We woke up on several mornings to find cars, pavements and houses covered in fine black dust (actually glass), and there was an almost permanent haze in the Naxos/Taormina air from Etna's breath.
|The beach in Naxos, 2 minutes walk away from our 'bach'.|
Visiting the Valley of the Temples was a long drive, but very worth while. Here lie the ruins of ten Greek temples that at one time were the rival of Athens. Some are partially restored, but every one has a presence all the more poignant because they are juxtaposed against a distant background of high rise housing.
Another interesting juxtaposition is the placing of some stunning modern bronze sculptures scattered among the temples.
Another reason why this day was memorable is that I tasted real squid ink sauce for the first time - don't know why I've not tried it before, after all other great foods are black - like truffles. Oh my goodness, the flavour! Squid ink (Nero di Seppia) is not at all fishy but is perhaps best described as tasting of sea and umami. In any case, I've already put in an order to Sabato back home. . . I loved it, just hope I can recreate that flavour!

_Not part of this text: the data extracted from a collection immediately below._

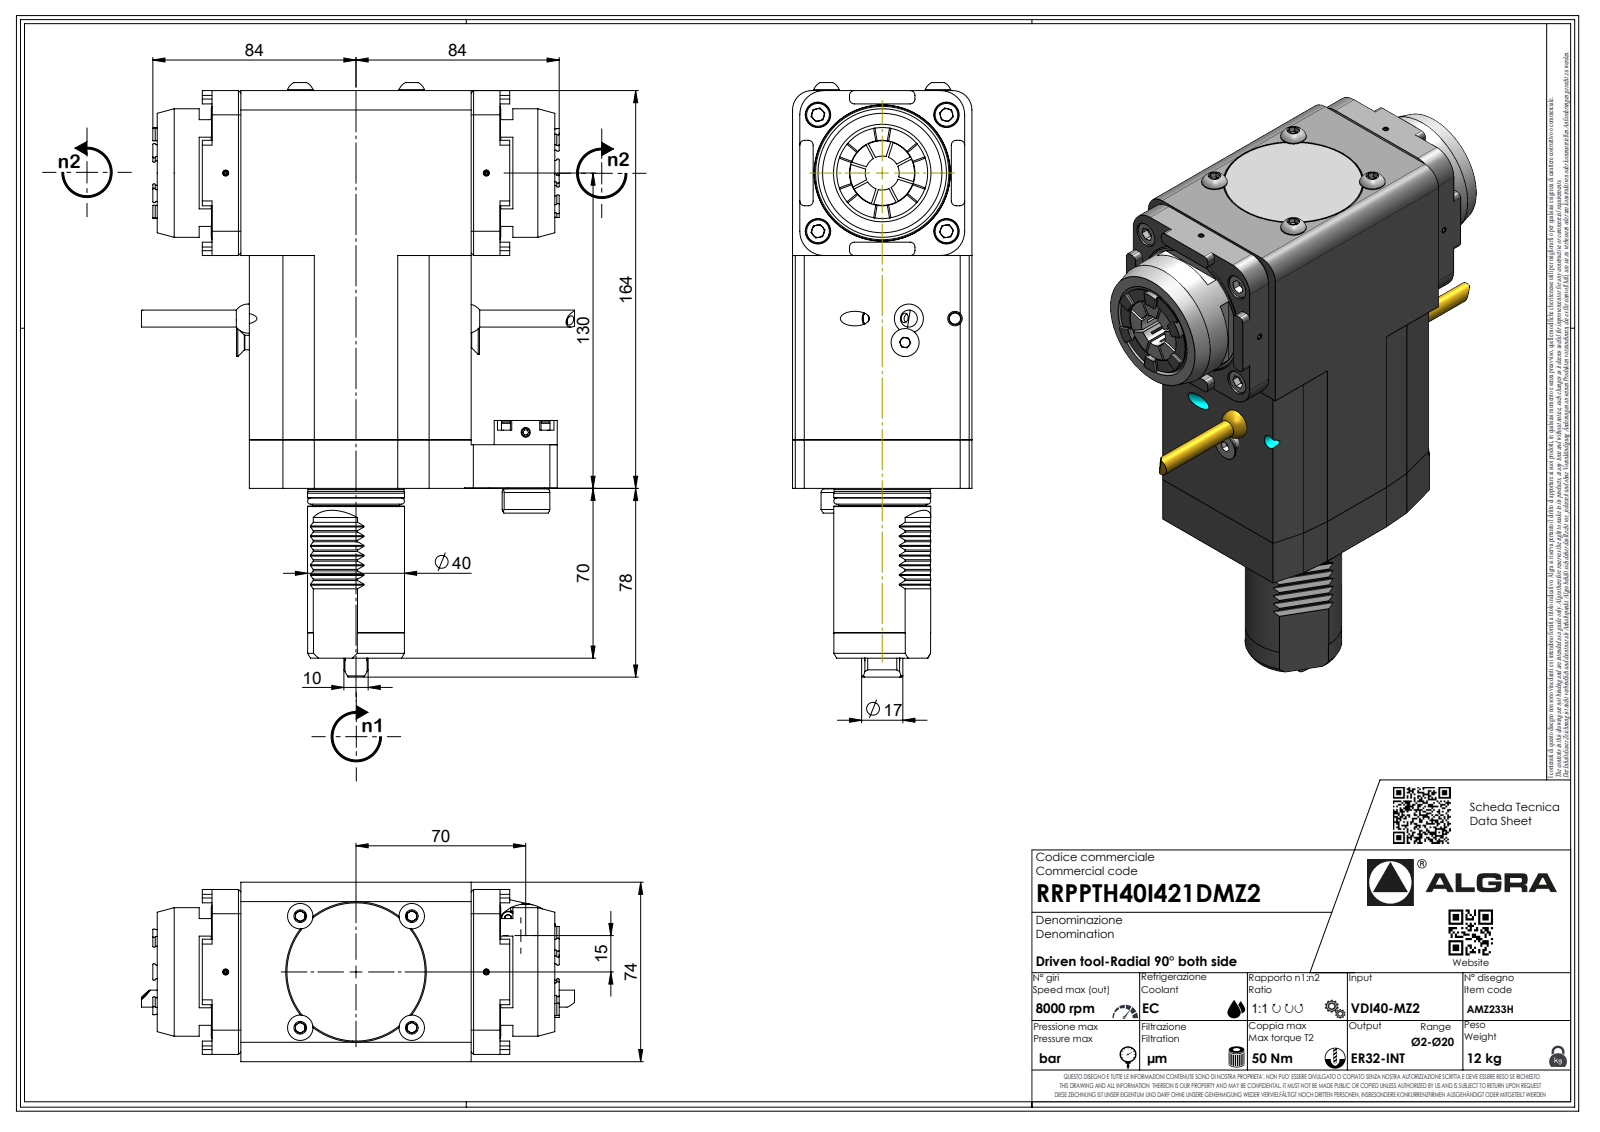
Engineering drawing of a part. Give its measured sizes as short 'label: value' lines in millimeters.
name: RRPPTH40I421DMZ2
written by: SolidWorks 2023 (AUTOMOTIVE_DESIGN)
unit: mm
bodies: 1 solid, 719 faces (434 planar, 141 cylindrical, 144 other)
size: 241.97 × 167.61 × 74
volume: 1 428 000 mm³; area: 104 911 mm²
holes: 1× ⌀2.1
bosses: 4× ⌀5.5, 1× ⌀62.8, 1× ⌀53, 1× ⌀40, 1× ⌀39.9, 1× ⌀39.6, 1× ⌀36, 1× ⌀26
rounds: 38× R2, 8× R1, 8× R10, 7× R0.3, 7× R0.33, 7× R0.52, 7× R3.7, 4× R3
face distances: 74, 164, 91.5, 12, 107, 22.5, 34.5, 129.5, 141.5, 68

Whole marinated and grilled squid were a triumph, too - it's seafood heaven in this place; squid, octopus, mussels, and of course swordfish (marlin).

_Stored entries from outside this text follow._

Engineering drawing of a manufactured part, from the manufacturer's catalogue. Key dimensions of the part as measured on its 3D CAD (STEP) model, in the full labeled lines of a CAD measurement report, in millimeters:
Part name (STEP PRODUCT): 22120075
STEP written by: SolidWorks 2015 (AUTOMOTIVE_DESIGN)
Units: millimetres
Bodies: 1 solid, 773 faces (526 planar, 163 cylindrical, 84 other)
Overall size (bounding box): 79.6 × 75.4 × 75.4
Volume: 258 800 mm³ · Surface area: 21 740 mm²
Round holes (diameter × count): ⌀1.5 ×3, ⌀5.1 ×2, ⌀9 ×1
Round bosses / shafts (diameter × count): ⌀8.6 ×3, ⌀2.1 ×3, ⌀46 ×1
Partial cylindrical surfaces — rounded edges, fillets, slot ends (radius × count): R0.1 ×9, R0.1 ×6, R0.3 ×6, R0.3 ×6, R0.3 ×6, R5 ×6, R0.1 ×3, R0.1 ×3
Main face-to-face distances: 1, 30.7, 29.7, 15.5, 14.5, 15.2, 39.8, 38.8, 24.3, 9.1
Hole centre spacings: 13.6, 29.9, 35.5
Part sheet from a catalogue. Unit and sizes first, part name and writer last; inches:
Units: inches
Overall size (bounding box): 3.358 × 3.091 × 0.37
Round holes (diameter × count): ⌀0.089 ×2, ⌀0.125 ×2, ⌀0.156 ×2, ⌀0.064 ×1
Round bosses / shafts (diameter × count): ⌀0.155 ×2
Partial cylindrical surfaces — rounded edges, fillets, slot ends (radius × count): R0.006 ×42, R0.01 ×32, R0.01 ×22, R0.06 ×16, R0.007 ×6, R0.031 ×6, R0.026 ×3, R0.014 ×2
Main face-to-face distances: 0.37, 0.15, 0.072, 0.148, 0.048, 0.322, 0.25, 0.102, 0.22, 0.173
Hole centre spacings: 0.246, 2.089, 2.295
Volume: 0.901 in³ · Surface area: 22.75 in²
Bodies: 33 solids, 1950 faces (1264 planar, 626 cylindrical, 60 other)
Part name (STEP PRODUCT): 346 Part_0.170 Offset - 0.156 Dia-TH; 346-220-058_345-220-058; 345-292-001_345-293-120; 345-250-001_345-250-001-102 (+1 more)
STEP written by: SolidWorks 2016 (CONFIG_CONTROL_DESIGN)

Away from the beaches you could be in a different country, and it's well worth while exploring some of the villages in the more inaccessible parts of the interior, as well as villages like Savoca, where 'The Godfather' was filmed.
One of the absolute treasures of our week in Sicily was to be invited with our friends, Terry and Anne, to our host's home for lunch. Betti loves to cook and we'd already been advised that if Betti and Franco invite you for lunch, never under any circumstance turn it down. This turned out to be a great truth.
|Betti & Franco|
We've found the Italian people are, in general, very friendly, have a natural courtesy and a great sense of humour. In the case of Betti and Franco, they are also overwhelmingly generous and hospitable. This was no ordinary lunch.

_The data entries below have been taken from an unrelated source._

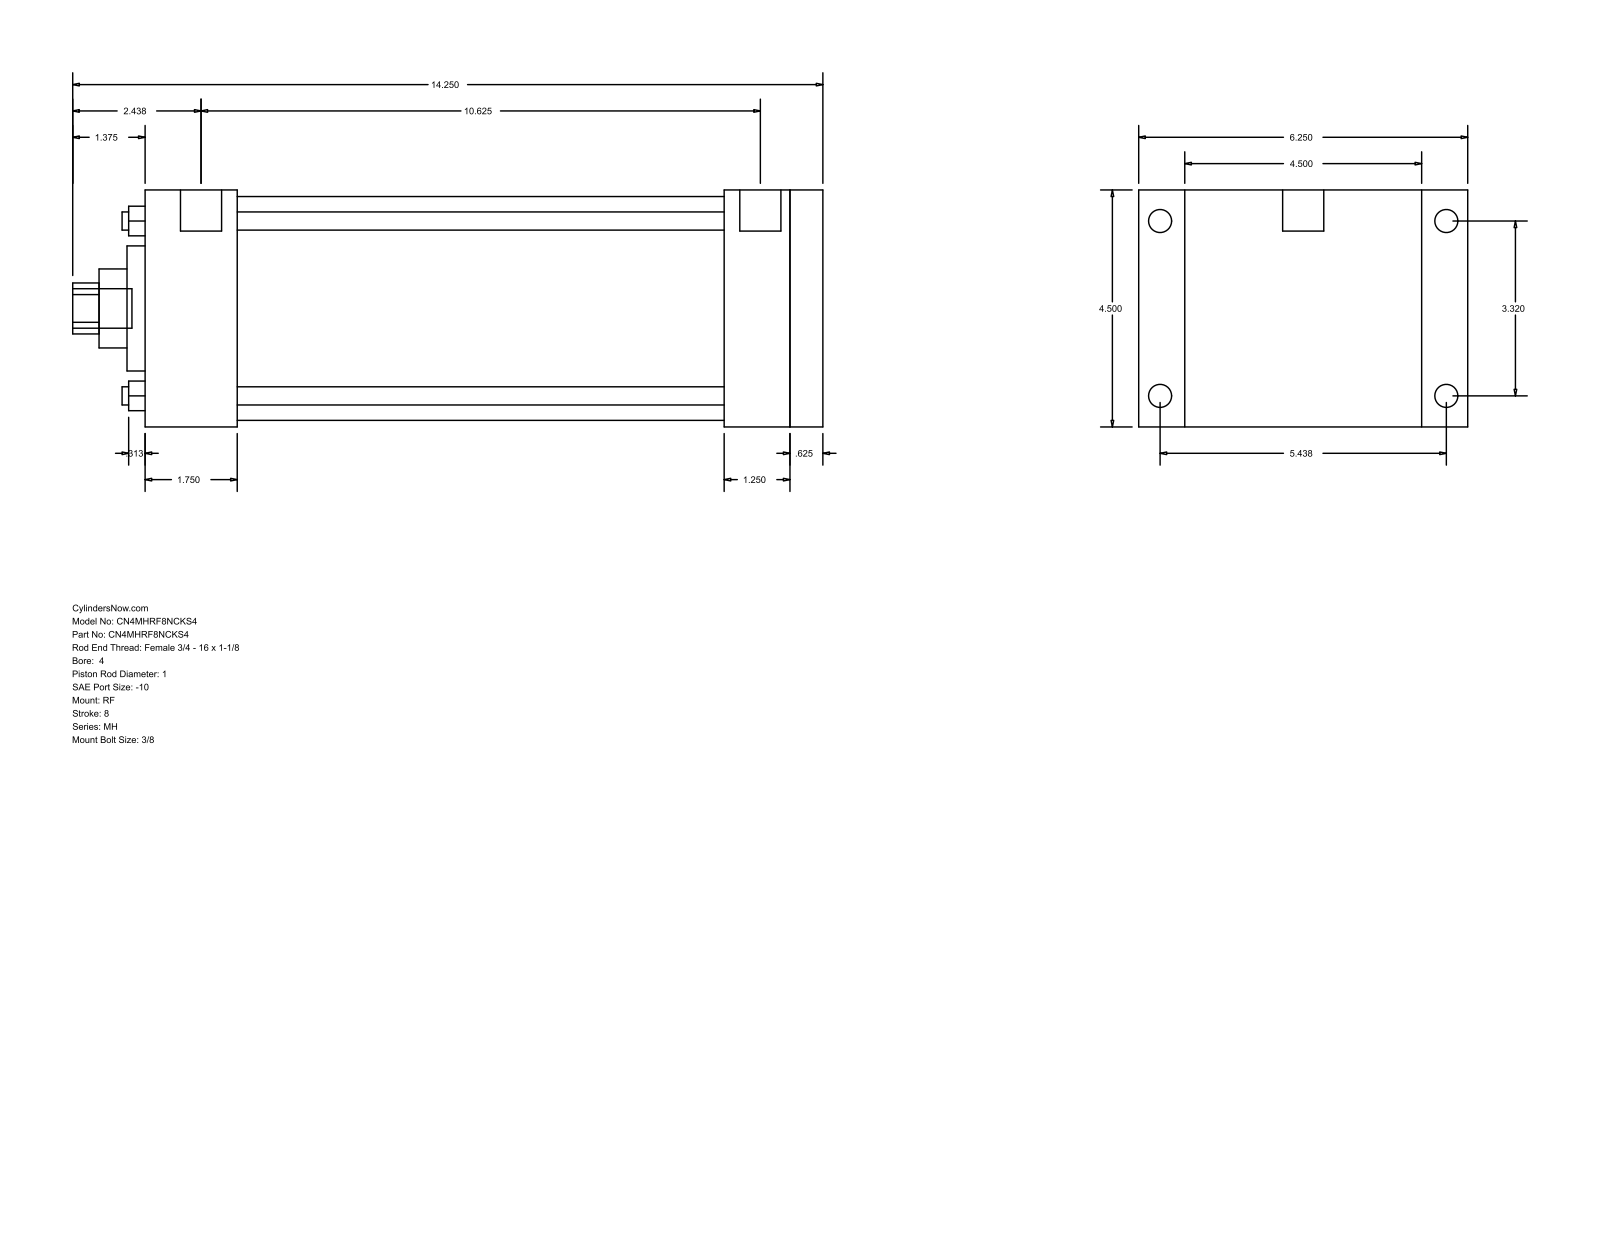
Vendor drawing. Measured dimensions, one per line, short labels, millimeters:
name: MH_RF__0400_1
written by: GSSL Pune (CONFIG_CONTROL_DESIGN)
unit: mm
bodies: 0 solids, 94 faces (65 planar, 29 cylindrical, 0 other)
size: 361.95 × 158.75 × 114.3
holes: 4× ⌀8.76, 1× ⌀25.4, 1× ⌀38.1, 1× ⌀60.33, 1× ⌀107.95
bosses: 4× ⌀11.13, 4× ⌀8.73, 2× ⌀19.84, 1× ⌀19.05
rounds: 1× R12.29
face distances: 114.3, 327.03, 311.15, 15.88, 47.63, 44.46, 266.69, 282.57, 279.4, 234.94
hole spacings: 59.62, 84.32, 119.25

First, there was a selection of appetisers
|Skewered black and green grapes with cheese, baby tomatoes stuffed with ricotta and herbs|
|Foccacia with delicious home made sundried tomatoes|
|A fingerfood quiche/pie, with onion and a bechamel sauce|
|Betti's sister Rina, who with Franco was Betti's support team|
Next, the pasta course; Betti made Pasta Norma, a penne with home made tomato sauce; sister Rina made a fresh anchovy, fennel, and tomato sauce, garnished with coconut thread. The Pasta Norma was delicious, and I thought the anchovy/fennel/tomato was a great flavour combination.
|Pasta Norma and penne with fresh anchovy, florence fennel, tomato and a coconut garnish|
Franco then dished up baked swordfish rolls topped with toasted breadcrumbs and accompanied by a caponata; a lovely combination of flavour, colour and texture.
|Silver service, of course|
|Baked swordfish rolls, with caponata|
I have to try to get hold of Betti's lemon sorbet recipe, it's the best I've ever tasted, and was served as a palate freshener after the fish.
And then, just to round off, was a superb grape and custard tart
And yes, I did eat it all. Needless to say, though, none of us were hungry again until after well into the night, and even then we didn't need much. Wonderful food, lovely people and what a treat to experience Sicilian hospitality like this.